*** Input ***
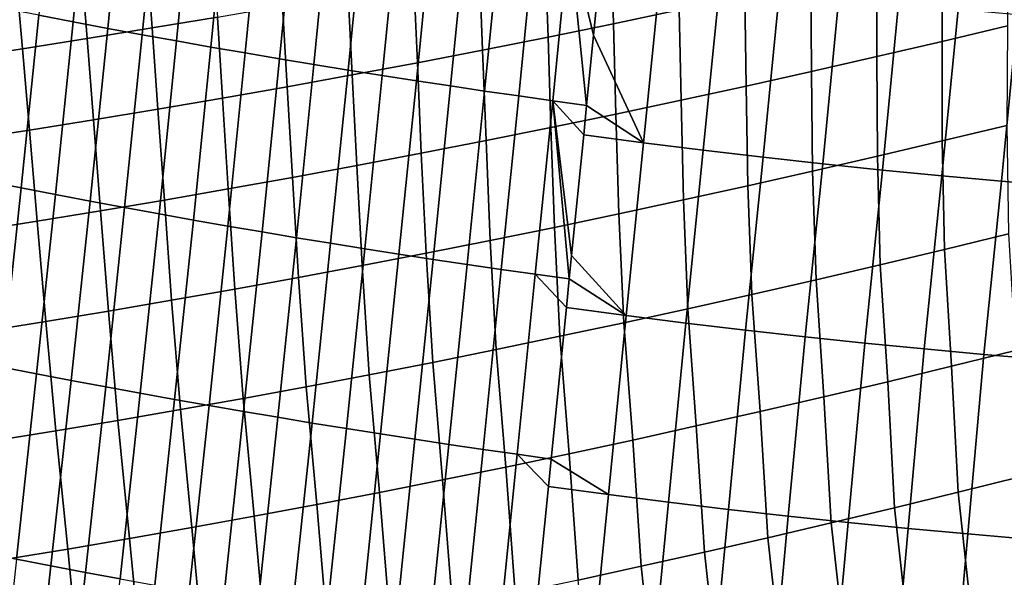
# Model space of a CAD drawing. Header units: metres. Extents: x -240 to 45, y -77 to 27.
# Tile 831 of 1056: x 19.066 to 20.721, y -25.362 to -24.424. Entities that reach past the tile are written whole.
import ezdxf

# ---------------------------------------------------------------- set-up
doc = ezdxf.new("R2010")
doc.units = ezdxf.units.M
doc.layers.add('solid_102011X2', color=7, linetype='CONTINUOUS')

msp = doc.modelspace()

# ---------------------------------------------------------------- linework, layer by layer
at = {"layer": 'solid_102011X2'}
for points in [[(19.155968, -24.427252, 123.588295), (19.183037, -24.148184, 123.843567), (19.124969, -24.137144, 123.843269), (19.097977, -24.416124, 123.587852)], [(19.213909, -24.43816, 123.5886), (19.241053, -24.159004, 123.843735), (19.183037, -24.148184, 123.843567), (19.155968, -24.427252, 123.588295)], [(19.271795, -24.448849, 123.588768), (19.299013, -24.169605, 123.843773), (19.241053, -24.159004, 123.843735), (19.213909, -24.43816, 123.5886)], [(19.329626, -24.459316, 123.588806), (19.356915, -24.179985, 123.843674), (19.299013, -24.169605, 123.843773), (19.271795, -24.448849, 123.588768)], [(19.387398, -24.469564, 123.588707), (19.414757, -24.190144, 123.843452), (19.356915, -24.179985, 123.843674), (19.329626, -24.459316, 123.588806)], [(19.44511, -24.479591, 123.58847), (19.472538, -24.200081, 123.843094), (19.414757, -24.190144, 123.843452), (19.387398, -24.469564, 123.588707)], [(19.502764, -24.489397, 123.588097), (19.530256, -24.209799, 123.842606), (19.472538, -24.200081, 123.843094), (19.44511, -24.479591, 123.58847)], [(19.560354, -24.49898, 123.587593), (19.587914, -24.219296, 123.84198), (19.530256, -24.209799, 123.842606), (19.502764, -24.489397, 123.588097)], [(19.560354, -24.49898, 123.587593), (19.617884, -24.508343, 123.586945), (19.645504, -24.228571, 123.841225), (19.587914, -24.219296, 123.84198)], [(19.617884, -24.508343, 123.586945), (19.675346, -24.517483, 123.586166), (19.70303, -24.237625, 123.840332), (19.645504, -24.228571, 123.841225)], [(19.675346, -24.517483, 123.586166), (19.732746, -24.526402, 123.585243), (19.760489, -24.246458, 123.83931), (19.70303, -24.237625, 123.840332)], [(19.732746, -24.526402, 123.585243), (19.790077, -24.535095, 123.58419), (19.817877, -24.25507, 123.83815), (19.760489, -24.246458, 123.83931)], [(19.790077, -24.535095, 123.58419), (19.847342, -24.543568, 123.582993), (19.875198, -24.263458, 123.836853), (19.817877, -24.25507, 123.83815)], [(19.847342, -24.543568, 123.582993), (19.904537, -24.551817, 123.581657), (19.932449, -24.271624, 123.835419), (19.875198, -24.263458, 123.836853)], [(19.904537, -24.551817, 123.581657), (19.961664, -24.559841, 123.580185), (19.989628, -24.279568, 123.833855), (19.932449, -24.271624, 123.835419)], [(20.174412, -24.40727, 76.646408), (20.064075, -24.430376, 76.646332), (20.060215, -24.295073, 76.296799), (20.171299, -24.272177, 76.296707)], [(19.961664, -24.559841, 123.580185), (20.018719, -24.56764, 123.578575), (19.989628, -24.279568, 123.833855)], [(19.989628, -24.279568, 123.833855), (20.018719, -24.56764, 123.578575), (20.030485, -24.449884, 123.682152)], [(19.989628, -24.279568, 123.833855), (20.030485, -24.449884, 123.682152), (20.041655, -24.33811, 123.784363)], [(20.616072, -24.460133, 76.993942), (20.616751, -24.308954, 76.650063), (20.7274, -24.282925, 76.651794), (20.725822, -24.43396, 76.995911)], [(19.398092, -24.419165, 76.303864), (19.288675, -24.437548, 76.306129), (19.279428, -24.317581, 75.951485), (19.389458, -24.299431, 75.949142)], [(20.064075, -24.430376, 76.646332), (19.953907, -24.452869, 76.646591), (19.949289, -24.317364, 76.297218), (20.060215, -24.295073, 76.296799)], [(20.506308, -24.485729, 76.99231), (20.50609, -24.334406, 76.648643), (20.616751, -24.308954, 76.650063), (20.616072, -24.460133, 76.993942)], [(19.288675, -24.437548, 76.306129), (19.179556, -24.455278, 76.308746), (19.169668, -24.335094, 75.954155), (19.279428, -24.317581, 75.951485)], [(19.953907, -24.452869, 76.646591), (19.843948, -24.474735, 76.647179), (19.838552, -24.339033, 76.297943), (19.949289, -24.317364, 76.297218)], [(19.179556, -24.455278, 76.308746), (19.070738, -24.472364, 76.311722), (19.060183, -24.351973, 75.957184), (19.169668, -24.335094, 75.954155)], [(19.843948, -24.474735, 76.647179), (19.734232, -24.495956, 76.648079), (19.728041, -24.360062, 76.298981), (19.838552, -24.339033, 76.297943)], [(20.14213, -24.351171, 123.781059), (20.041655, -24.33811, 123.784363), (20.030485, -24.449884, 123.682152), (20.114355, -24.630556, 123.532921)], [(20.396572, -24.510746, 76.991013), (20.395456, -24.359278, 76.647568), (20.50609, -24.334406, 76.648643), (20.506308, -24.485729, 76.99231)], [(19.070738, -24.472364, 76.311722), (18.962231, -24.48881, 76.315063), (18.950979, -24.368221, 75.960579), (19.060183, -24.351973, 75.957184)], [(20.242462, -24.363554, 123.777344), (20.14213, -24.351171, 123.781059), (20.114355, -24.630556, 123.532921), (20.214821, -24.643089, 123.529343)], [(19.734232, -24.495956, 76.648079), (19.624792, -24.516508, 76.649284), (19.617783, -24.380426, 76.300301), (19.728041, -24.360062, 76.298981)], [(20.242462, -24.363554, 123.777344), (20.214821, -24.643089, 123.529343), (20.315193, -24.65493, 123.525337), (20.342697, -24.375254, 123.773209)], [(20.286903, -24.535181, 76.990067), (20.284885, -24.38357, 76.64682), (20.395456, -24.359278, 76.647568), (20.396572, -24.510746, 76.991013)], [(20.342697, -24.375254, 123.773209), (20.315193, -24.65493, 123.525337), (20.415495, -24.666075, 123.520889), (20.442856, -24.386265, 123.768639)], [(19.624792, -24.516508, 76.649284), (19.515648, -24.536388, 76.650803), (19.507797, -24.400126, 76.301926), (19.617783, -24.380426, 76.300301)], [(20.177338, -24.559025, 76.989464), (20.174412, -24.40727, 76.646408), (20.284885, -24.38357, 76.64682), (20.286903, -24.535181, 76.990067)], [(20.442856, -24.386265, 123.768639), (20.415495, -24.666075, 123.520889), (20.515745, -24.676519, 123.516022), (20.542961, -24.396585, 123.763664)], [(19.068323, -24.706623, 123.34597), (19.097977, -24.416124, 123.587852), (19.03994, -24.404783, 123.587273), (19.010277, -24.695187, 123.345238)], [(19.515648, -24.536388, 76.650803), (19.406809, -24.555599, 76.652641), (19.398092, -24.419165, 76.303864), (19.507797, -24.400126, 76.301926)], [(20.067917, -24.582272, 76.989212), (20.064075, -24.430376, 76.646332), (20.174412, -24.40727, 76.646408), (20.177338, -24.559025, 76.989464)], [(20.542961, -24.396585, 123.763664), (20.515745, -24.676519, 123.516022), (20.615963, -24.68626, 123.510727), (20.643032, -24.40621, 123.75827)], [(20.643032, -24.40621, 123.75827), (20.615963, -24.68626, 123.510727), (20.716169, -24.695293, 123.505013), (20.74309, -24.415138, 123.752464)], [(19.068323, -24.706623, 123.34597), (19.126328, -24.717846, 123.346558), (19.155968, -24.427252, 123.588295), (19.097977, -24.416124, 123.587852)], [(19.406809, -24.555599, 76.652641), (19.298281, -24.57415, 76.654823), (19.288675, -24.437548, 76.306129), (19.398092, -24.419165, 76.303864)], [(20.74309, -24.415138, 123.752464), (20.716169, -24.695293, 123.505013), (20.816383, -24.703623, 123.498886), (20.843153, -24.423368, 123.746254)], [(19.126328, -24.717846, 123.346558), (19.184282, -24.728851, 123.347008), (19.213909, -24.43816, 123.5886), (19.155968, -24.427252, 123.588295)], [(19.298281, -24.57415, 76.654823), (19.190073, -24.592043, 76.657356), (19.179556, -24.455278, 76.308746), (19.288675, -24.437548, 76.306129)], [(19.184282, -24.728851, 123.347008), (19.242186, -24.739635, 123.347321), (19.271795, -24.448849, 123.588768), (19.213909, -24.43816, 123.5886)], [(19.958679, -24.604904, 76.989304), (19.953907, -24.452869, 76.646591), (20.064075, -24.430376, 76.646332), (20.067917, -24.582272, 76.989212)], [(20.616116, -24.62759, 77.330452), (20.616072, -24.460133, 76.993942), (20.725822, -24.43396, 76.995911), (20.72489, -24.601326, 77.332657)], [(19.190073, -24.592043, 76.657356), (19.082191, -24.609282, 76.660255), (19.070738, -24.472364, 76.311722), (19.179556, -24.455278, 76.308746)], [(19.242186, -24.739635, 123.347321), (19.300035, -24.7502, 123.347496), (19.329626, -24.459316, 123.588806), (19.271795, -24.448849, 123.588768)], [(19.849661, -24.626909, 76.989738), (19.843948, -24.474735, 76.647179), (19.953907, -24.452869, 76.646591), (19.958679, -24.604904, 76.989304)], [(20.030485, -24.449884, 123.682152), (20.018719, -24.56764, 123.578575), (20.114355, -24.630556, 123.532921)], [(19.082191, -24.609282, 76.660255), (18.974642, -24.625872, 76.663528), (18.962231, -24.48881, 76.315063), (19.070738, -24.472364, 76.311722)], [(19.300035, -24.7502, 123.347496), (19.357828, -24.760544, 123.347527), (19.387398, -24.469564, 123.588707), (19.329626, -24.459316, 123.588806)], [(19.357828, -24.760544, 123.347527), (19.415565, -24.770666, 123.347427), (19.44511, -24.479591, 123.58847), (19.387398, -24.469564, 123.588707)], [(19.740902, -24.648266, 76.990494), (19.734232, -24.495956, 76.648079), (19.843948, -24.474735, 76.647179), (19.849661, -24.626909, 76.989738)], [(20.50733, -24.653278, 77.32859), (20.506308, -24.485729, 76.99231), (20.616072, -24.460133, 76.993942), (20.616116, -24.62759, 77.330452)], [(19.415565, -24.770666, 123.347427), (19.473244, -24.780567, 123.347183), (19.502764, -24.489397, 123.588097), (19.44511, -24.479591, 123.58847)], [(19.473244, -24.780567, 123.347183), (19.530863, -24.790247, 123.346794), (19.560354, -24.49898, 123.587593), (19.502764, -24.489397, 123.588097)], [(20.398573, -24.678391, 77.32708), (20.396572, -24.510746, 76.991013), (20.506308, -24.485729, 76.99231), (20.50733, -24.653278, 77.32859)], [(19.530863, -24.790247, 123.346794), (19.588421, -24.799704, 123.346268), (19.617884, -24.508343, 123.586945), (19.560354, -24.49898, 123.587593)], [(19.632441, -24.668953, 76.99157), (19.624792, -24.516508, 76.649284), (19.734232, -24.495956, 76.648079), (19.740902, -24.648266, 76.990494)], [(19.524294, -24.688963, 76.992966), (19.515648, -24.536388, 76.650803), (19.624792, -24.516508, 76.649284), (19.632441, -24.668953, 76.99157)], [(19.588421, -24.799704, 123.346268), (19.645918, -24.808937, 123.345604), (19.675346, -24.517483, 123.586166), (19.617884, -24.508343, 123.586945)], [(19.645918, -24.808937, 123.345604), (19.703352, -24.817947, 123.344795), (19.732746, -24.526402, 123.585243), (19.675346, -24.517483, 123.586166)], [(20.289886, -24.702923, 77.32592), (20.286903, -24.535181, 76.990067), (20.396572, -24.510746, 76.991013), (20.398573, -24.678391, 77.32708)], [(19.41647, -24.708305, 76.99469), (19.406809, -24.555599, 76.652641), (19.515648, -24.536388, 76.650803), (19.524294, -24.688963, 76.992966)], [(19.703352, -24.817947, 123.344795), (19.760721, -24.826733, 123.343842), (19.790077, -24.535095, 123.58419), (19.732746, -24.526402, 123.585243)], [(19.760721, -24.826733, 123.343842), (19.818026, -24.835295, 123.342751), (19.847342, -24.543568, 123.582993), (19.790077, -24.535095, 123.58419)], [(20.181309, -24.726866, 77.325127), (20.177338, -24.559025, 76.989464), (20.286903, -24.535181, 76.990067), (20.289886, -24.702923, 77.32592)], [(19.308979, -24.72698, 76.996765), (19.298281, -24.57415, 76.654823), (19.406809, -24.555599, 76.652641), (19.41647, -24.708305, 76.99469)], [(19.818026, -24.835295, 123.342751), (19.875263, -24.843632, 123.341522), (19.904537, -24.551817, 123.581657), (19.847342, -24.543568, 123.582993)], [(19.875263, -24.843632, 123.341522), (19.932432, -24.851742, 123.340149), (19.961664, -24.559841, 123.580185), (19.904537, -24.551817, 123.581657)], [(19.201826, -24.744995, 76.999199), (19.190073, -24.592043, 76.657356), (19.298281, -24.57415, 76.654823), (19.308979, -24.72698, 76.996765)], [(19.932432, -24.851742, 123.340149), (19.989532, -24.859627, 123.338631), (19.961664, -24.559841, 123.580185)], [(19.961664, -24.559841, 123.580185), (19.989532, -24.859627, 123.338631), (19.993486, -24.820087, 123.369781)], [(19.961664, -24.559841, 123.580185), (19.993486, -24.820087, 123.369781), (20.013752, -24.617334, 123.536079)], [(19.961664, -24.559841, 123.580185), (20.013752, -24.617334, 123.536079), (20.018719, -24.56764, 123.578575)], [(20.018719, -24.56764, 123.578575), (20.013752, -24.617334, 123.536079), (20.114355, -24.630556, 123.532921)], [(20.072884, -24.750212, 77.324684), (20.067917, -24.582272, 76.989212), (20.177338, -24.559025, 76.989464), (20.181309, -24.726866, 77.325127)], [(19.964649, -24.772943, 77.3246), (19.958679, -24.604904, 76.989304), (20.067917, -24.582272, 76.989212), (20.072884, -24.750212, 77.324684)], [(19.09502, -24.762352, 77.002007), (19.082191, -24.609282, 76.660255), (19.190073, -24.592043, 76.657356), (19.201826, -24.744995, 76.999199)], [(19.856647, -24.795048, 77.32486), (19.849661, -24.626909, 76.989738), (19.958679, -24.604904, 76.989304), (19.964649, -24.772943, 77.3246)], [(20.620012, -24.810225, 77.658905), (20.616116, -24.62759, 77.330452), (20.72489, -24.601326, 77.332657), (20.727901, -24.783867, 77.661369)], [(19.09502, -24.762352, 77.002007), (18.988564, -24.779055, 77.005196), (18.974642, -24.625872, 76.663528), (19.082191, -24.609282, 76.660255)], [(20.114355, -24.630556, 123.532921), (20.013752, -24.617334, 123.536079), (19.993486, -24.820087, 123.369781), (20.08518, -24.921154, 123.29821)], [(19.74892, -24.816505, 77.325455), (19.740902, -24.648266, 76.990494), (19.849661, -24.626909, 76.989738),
*** End of Input ***
Description of the task - Go through the data above and print exactly the lines from its first line through the line holding "doc.layers.add('solid_102011X2', color=7, linetype='CONTINUOUS')", both included, leaving pictures aside.

Answer to this exercise -
# Model space of a CAD drawing. Header units: metres. Extents: x -240 to 45, y -77 to 27.
# Tile 831 of 1056: x 19.066 to 20.721, y -25.362 to -24.424. Entities that reach past the tile are written whole.
import ezdxf

# ---------------------------------------------------------------- set-up
doc = ezdxf.new("R2010")
doc.units = ezdxf.units.M
doc.layers.add('solid_102011X2', color=7, linetype='CONTINUOUS')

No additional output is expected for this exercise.